2020’s perspective brings new edge to the characters, as well, by presenting well-rounded characters. For example, Lourdes is a Latina trans woman but her outsider perspective is never tied to her trans identity. The Craft: Legacy never portrays her as troubled or burdened by her identity much in the same way that Tabby’s perspective as a Black woman recognizes that racism exists but isn’t defined solely by the characteristic. This core group of women feel authentic and the performances really sell that they are, in fact, friends. Their dynamic is probably the best part of the sequel (and yes, it is a sequel) and even though the film doesn’t really escalate in tension as much as I’d like, their interactions always made up for it.
Another way the film addresses the original’s fractured coven and women infighting is by making the conflict external. Like the original, as the young women come into their power, they begin to wield it with less restraint and it, like in the original, starts to backfire. Tabby, for instance, uses her fire magic to melt a painted slur on a locker and Frankie causes a mean girl to bang her head against the wall for shaming Lilly’s period mishap. But it slowly and quietly upsets the power struggle with the introduction of Timmy.
Timmy is kind of the original’s Chris stand-in; a bully who torments the girls and is ultimately hexed by them. Here, though, they magically assist him to be less of a douche and more of a decent human being. Overnight, he changes into a caricature of male wokeness who now talks about how much he loves Princess Nokia’s music because “I just love her politics,” calls out a kid snickering in class about consent and identifies himself as a cisgendered man. On the surface, this newfound wokeness comes across as eye-rollingly silly and verges into parody but the script by writer/director Zoe Lister-Jones smartly guts expectations with a very candid scene where he admits his inner fears and confessions in a game of truth and lies.
This sequence hit home for me and it’s where I realized that Zoe was interested in exploring more than female empowerment in her story. By presenting the inner fears of this typical jock, the patterns of internalized homophobia and then contrasting his experience with the way men are conditioned to cut out what’s perceived as “weakness,” The Craft: Legacy explores modern masculinity in surprising ways. Without using buzzwords like patriarchy or toxic masculinity, The Craft: Legacy deftly explores the pressure men feel to live up to an ingrained and indoctrinated form of masculinity that is inherently toxic.

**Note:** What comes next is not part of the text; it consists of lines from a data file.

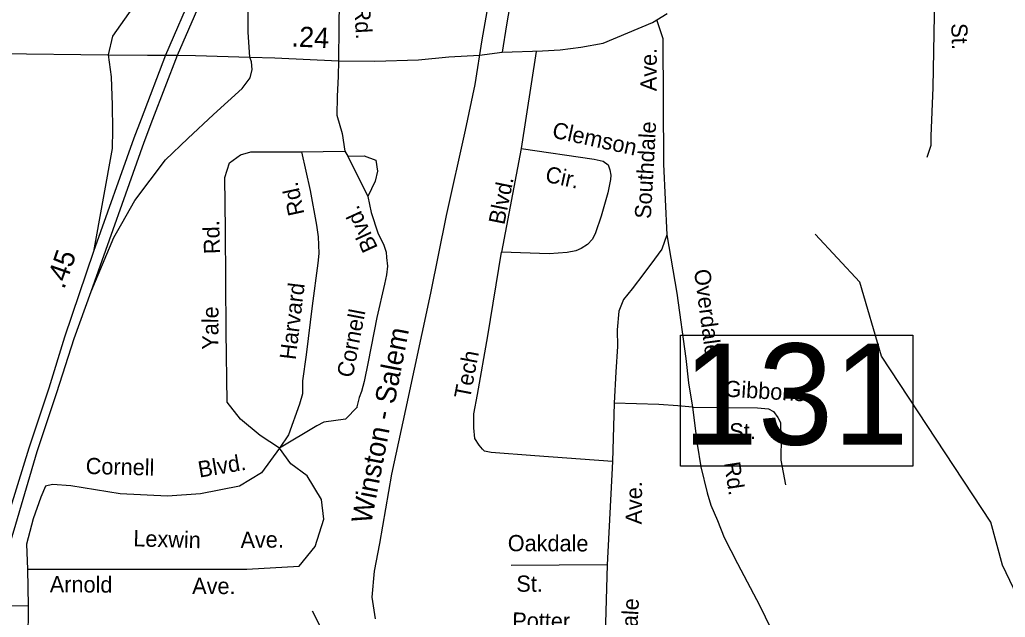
# Model space of a CAD drawing. Extents: x 1551653 to 1702041, y 811336 to 920032.
# Drawn here: x 1633765 to 1637757, y 836287 to 838708 of the extents above; entities that cross this region are included whole.
import ezdxf

# ---------------------------------------------------------------- set-up
doc = ezdxf.new("R2010")
doc.units = 0
for name, color, linetype in [('Old_Level_10', 7, 'Continuous'), ('Old_Level_14', 7, 'Continuous'), ('Old_Level_17', 7, 'Continuous'), ('Old_Level_28', 7, 'Continuous'), ('Old_Level_31', 7, 'Continuous'), ('Old_Level_32', 7, 'Continuous'), ('Old_Level_35', 7, 'Continuous'), ('Old_Level_44', 7, 'Continuous'), ('Old_Level_47', 7, 'Continuous'), ('Old_Level_50', 7, 'Continuous'), ('Old_Level_59', 7, 'Continuous')]:
    doc.layers.add(name, color=color, linetype=linetype)

msp = doc.modelspace()

# ---------------------------------------------------------------- linework, layer by layer
at = {"layer": 'Old_Level_28'}
for points in [[(1634822.417, 839708.61), (1634741.717, 839499.102), (1634609.014, 839184.065), (1634488.093, 838872.443), (1634469.812, 838829.952), (1634355.588, 838564.453)], [(1634404.461, 838563.907), (1634518.478, 838828.918), (1634529.53, 838854.609), (1634655.85, 839191.875), (1634787.775, 839482.19), (1634858.267, 839658.574)], [(1634054.324, 837606.801), (1634268.482, 838211.857), (1634304.129, 838304.148), (1634404.461, 838563.907)], [(1634355.588, 838564.453), (1634255.997, 838305.169), (1634226.327, 838227.921), (1634064.106, 837768.887)], [(1634064.106, 837768.887), (1633946.55, 837420.897), (1633882.278, 837215.461), (1633801.513, 836971.941), (1633704.748, 836656.549), (1633664.864, 836522.356), (1633614.908, 836370.938), (1633604.739, 836327.296)], [(1633650.351, 836329.371), (1633664.726, 836384.949), (1633722.917, 836578.385), (1633741.576, 836640.638), (1633835.868, 836957.594), (1633915.639, 837196.735), (1633985.446, 837415.974), (1634054.324, 837606.801)]]:
    msp.add_lwpolyline(points, dxfattribs=at)
at = {"layer": 'Old_Level_31'}
for p, q in [((1634380.806, 838564.253), (1634380.806, 838564.253)), ((1635627.339, 838564.255), (1635627.339, 838564.255))]:
    msp.add_line(p, q, dxfattribs=at)
msp.add_lwpolyline([(1636440.778, 837429.786), (1637381.668, 837429.786), (1637381.668, 836898.74), (1636440.778, 836898.74), (1636440.778, 837429.786)], dxfattribs=at)
at = {"layer": 'Old_Level_32'}
for points in [[(1635627.339, 838564.255), (1635718.715, 838576.448), (1635881.625, 838580.999), (1635953.307, 838584.983), (1636036.936, 838596.938), (1636128.53, 838612.877), (1636327.648, 838696.557), (1636387.384, 838732.42)], [(1631564.409, 838091.679), (1631601.998, 838126.029), (1631660.835, 838173.466), (1631763.799, 838266.704), (1631845.826, 838323.605), (1631978.209, 838364.09), (1632059.109, 838386.172), (1632084.85, 838397.214), (1632110.591, 838389.853), (1632154.718, 838408.255), (1632260.197, 838438.757), (1632761.471, 838537.071), (1633018.88, 838581.236), (1633086.728, 838581.216), (1633121.904, 838581.216), (1633182.875, 838583.563), (1633244.989, 838580.236), (1633310.855, 838581.699), (1633400.884, 838580.873), (1633680.624, 838570.587), (1634122.91, 838564.734)], [(1634122.91, 838564.734), (1634281.689, 838563.909), (1634355.588, 838564.453)], [(1634355.588, 838564.453), (1634380.806, 838564.253), (1634404.461, 838563.907)], [(1634404.461, 838563.907), (1634477.273, 838561.926), (1634697.066, 838555.946)], [(1634697.066, 838555.946), (1634798.06, 838553.087), (1635056.077, 838541.446), (1635202.996, 838539.152), (1635379.847, 838545.135), (1635503.3, 838557.09), (1635627.339, 838564.255)]]:
    msp.add_lwpolyline(points, dxfattribs=at)
at = {"layer": 'Old_Level_35'}
for p, q in [((1635856.222, 838578.496), (1635796.212, 838185.696)), ((1635796.212, 838185.696), (1635716.2, 837765.375)), ((1634906.586, 838172.281), (1635081.967, 838175.033)), ((1635081.967, 838175.033), (1635093.062, 838154.676)), ((1635093.062, 838154.676), (1635174.863, 837991.937)), ((1636172.538, 837154.396), (1636165.015, 836918.296)), ((1636165.015, 836918.296), (1636144.698, 836499.238)), ((1633796.244, 836481.62), (1633799.468, 836333.1)), ((1636144.698, 836499.238), (1635754.829, 836496.189)), ((1636144.698, 836499.238), (1636135.56, 836215.768)), ((1633799.468, 836333.1), (1633614.209, 836330.752))]:
    msp.add_line(p, q, dxfattribs=at)
for points in [[(1636517.026, 839452.268), (1636484.805, 839422.508), (1636464.756, 839420.713), (1636320.822, 839417.833), (1636228.91, 839414.7), (1636194.819, 839410.989), (1636172.929, 839407.229), (1636148.756, 839399.316), (1636106.41, 839363.758), (1635983.326, 839234.789), (1635846.155, 839082.092), (1635813.848, 839038.322), (1635795.433, 839008.48), (1635785.341, 838984.474), (1635777.008, 838948.624), (1635762.126, 838836.666), (1635736.677, 838687.103), (1635718.715, 838576.448)], [(1635087.915, 839382.466), (1635071.163, 839212.426), (1635061.589, 838984.909), (1635056.803, 838678.358), (1635056.077, 838541.446)], [(1637470.718, 838873.138), (1637462.616, 838432.59), (1637454.556, 838236.296), (1637454.556, 838198.457), (1637438.351, 838149.808)], [(1636345.798, 838703.759), (1636370.087, 838630.847), (1636372.295, 838122.678), (1636385.543, 837835.452)], [(1635056.077, 838541.446), (1635054.228, 838478.526), (1635050.53, 838397.102), (1635048.68, 838321.227), (1635070.872, 838247.205), (1635081.967, 838175.033)], [(1635796.212, 838185.696), (1636091.797, 838141.999), (1636127.65, 838133.866), (1636147.571, 838119.653), (1636155.367, 838099.486), (1636159.123, 838077.596), (1636156.958, 838059.63), (1636146.656, 838005.611), (1636119.74, 837911.907), (1636097.152, 837844.129), (1636085.019, 837818.161), (1636064.763, 837796.363), (1636038.631, 837780.684), (1636016.617, 837770.727), (1635982.483, 837765.015), (1635908.536, 837759.713), (1635716.2, 837765.375)], [(1634816.339, 836972.09), (1634738.952, 837023.719), (1634659.221, 837089.428), (1634605.284, 837157.484), (1634600.594, 837443.787), (1634598.25, 837855.148), (1634595.905, 838068.702), (1634614.665, 838127.371), (1634659.221, 838160.225), (1634701.432, 838171.959), (1634774.128, 838171.959), (1634906.586, 838172.281)], [(1634906.586, 838172.281), (1634941.229, 838015.893), (1634966.786, 837875.297), (1634973.624, 837827.734), (1634975.376, 837795.681), (1634975.668, 837760.855), (1634972.672, 837721.694), (1634949.129, 837547.879), (1634925.303, 837350.258), (1634910.546, 837244.3), (1634910.193, 837215.987), (1634910.104, 837191.978), (1634898.415, 837150.444), (1634853.86, 837026.066), (1634816.339, 836972.09)], [(1635094.911, 838154.676), (1635159.635, 838156.527), (1635207.714, 838138.021), (1635213.262, 838093.607), (1635204.016, 838052.895), (1635174.863, 837991.937)], [(1635174.863, 837991.937), (1635187.595, 837926.938), (1635214.745, 837844.557), (1635239.346, 837794.022), (1635248.3, 837765.873), (1635250.649, 837743.613), (1635254.118, 837708.74), (1635249.824, 837674.61), (1635241.937, 837635.942), (1635210.912, 837500.474), (1635176.432, 837322.054), (1635159.804, 837242.349), (1635149.369, 837201.394), (1635139.28, 837177.585), (1635130.634, 837138.961), (1635133.515, 837138.517), (1635084.021, 837089.722), (1634997.012, 837076.735), (1634967.488, 837062.512), (1634816.339, 836972.09)], [(1636385.543, 837835.452), (1636365.671, 837778.007), (1636336.425, 837737.458), (1636292.419, 837679.76), (1636245.377, 837617.505), (1636210.475, 837573.472), (1636190.748, 837526.402), (1636184.678, 837450.482), (1636186.195, 837383.673), (1636178.608, 837280.422), (1636172.538, 837154.396)], [(1636385.543, 837835.452), (1636425.956, 837599.285), (1636462.376, 837335.084), (1636472.998, 837236.389), (1636489.69, 837137.693)], [(1636165.015, 836918.296), (1635851.473, 836940.433), (1635673.652, 836953.852), (1635647.566, 836960.184), (1635639.725, 836968.146), (1635625.843, 836984.239), (1635608.683, 837011.3), (1635603.682, 837053.832), (1635603.682, 837111.376), (1635618.685, 837188.935), (1635661.191, 837426.616), (1635716.2, 837765.375)], [(1636489.69, 837137.693), (1636430.509, 837143.767), (1636353.117, 837148.322), (1636172.538, 837154.396)], [(1636489.69, 837137.693), (1636752.902, 837134.952), (1636796.962, 837131.172), (1636818.363, 837119.836), (1636835.987, 837095.903), (1636846.058, 837075.749), (1636846.058, 837054.335), (1636848.576, 837020.326), (1636847.317, 836923.335), (1636865.841, 836823.773)], [(1636489.69, 837137.693), (1636508.684, 836987.575), (1636523.789, 836895.623), (1636548.967, 836791.075), (1636564.073, 836740.689), (1636590.509, 836678.464), (1636618.204, 836610.444), (1636672.335, 836504.636), (1636762.344, 836333.327), (1636850.464, 836151.941), (1636933.548, 835972.571), (1636978.867, 835859.205), (1636988.939, 835826.455), (1637004.044, 835771.032), (1637014.116, 835710.569), (1637039.293, 835619.877)], [(1634816.339, 836972.09), (1634743.773, 836871.388), (1634654.662, 836817.412), (1634497.544, 836786.905), (1634363.876, 836777.518), (1634171.582, 836786.905), (1633972.253, 836819.759), (1633897.212, 836824.453), (1633869.071, 836817.412), (1633850.311, 836772.824), (1633819.825, 836685.994), (1633791.685, 836582.738), (1633796.244, 836481.62)], [(1633796.244, 836481.62), (1634485.687, 836481.62), (1634685.016, 836481.62), (1634896.07, 836493.354), (1634961.732, 836573.144), (1634996.908, 836683.44), (1634987.527, 836763.23), (1634928.901, 836859.446), (1634863.24, 836908.729), (1634816.339, 836972.09)], [(1633799.468, 836333.1), (1633797.753, 836190.129), (1633795.47, 835920.232), (1633797.527, 835716.078)]]:
    msp.add_lwpolyline(points, dxfattribs=at)
at = {"layer": 'Old_Level_44'}
msp.add_lwpolyline([(1635205.345, 836280.187), (1635192.533, 836368.497), (1635201.317, 836473.63), (1635222.796, 836585.254), (1635271.337, 836866.547), (1635329.208, 837128.68), (1635429.601, 837599.921), (1635493.564, 837913.871), (1635570.835, 838259.829), (1635609.224, 838445.35), (1635637.421, 838626.631), (1635699.935, 838979.954), (1635769.804, 839278.069), (1635820.318, 839595.845), (1635881.699, 839869.148), (1635919.333, 840057.698)], dxfattribs=at)
at = {"layer": 'Old_Level_47'}
for points in [[(1634822.417, 839708.61), (1634644.171, 839353.111), (1634457.343, 839075.489), (1634338.453, 838911.183), (1634237.866, 838779.265), (1634140.677, 838641.399), (1634122.91, 838564.734)], [(1634697.066, 838555.946), (1634689.456, 838656.858), (1634689.462, 838765.761), (1634693.236, 838914.96), (1634697.011, 839015.055), (1634706.446, 839113.261), (1634723.431, 839217.134), (1634858.267, 839658.574)], [(1634054.324, 837606.801), (1634146.27, 837825.687), (1634178.352, 837882.345), (1634231.192, 837974.885), (1634355.624, 838140.028), (1634446.206, 838226.903), (1634549.999, 838323.221), (1634665.115, 838428.981), (1634698.017, 838471.932), (1634705.716, 838505.833), (1634704.177, 838536.653), (1634697.066, 838555.946)], [(1634122.91, 838564.734), (1634135.501, 838476.482), (1634139.531, 838361.569), (1634140.677, 838260.85), (1634138.79, 838185.307), (1634064.106, 837768.887)]]:
    msp.add_lwpolyline(points, dxfattribs=at)
at = {"layer": 'Old_Level_50'}
for p, q in [((1634371.838, 838544.797), (1634371.838, 838544.797)), ((1635616.052, 838556.382), (1635616.052, 838556.382))]:
    msp.add_line(p, q, dxfattribs=at)
at = {"layer": 'Old_Level_59'}
for points in [[(1639977.958, 832883.578), (1639648.952, 833221.811), (1639558.934, 833407.434), (1639497.931, 833822.306), (1639391.919, 834034.586), (1639128.94, 834387.84), (1638613.952, 835251.724), (1638408.9, 835538.233), (1638122.955, 836016.722), (1637834.959, 836311.433), (1637745.966, 836497.056), (1637697.882, 836672.017), (1637254.969, 837344.075), (1637166.899, 837644.579), (1636985.941, 837838.661)], [(1635649.924, 834852.333), (1635519.921, 835170.113), (1635249.867, 835576.116), (1635096.898, 836025.641), (1634950.901, 836310.921)]]:
    msp.add_lwpolyline(points, dxfattribs=at)

# ---------------------------------------------------------------- texts
at = {"layer": 'Old_Level_10'}
for s, rotation, p in [('Rd.', 273.289242, (1635119.216, 838763.123)), ('St.', 272.063889, (1637537.243, 838692.265)), ('Ave.', 89.611097, (1636344.097, 838417.9)), ('Clemson', 347.632981, (1635917.685, 838230.856)), ('Southdale', 86.790097, (1636320.873, 837899.386)), ('Cir.', 347.632981, (1635889.539, 838051.826)), ('Rd.', 102.279297, (1634918.348, 837921.274)), ('Blvd.', 78.609942, (1635727.329, 837874.038)), ('Blvd.', 114.777822, (1635216.566, 837783.859)), ('Rd.', 91.9103, (1634576.841, 837759.225)), ('Overdale', 277.563675, (1636495.53, 837692.881)), ('Harvard', 83.125533, (1634882.155, 837327.536)), ('Yale', 89.744044, (1634569.121, 837370.578)), ('Cornell', 79.115522, (1635113.149, 837254.485)), ('Tech', 79.068769, (1635588.194, 837168.327)), ('Gibbons', 356.535194, (1636617.903, 837180.85)), ('St.', 0.973222, (1636639.54, 837006.688)), ('Blvd.', 9.555683, (1634492.744, 836852.231)), ('Cornell', 358.606672, (1634031.442, 836867.32)), ('Rd.', 278.752231, (1636617.103, 836911.785)), ('Ave.', 89.611097, (1636284.433, 836662.336)), ('Lexwin', 358.308769, (1634224.167, 836574.349)), ('Ave.', 0.769011, (1634659.317, 836566.923)), ('Oakdale', 359.796181, (1635741.393, 836554.48)), ('Arnold', 359.659236, (1633886.504, 836387.865)), ('Ave.', 359.659236, (1634463.191, 836381.322)), ('St.', 359.796181, (1635776.273, 836390.077)), ('Southdale', 86.790097, (1636251.132, 835967.519)), ('Potter', 359.502711, (1635759.691, 836240.54))]:
    msp.add_text(s, height=65.6167, rotation=rotation, dxfattribs=at).set_placement(p)
at = {"layer": 'Old_Level_14'}
msp.add_text('Winston - Salem', height=82.02083, rotation=78.946058, dxfattribs=at).set_placement((1635187.882, 836662.005))
at = {"layer": 'Old_Level_17'}
for s, rotation, p in [('.24', 357.434133, (1634864.125, 838599.412)), ('.45', 70.773922, (1633944.504, 837612.811))]:
    msp.add_text(s, height=82.0208, rotation=rotation, dxfattribs=at).set_placement(p)
at = {"layer": 'Old_Level_31'}
msp.add_text('131', height=410.1042, dxfattribs=at).set_placement((1636449.386, 836985.64))

doc.saveas('drawing.dxf')

Timmy’s journey aside, the narrative tips its hand a bit much as to who the real villain is and while Zoe’s script smartly fractures the group from outside forces rather than the original’s inner coven struggles, the reveals feel a bit rote. And while The Craft was never really a scary movie, it did dip into horror a lot more than the sequel…so fans looking for spooky scares will be disappointed. The Craft: Legacy is more interested in telling a coming-of-age story with supernatural elements than it is telling a horror story. It clips along at an easy pace, but the actual conflict doesn’t really present itself until far along in the runtime. Ironically, it’s when it does lean into the conflict, the connection to the original film, the horror aspects, and the revelations that it starts to fall apart.
But third act escalation and some very iffy broadcast television special effects aside, The Craft: Legacy honors its witchy legacy with a 2020 veneer of intersectionality.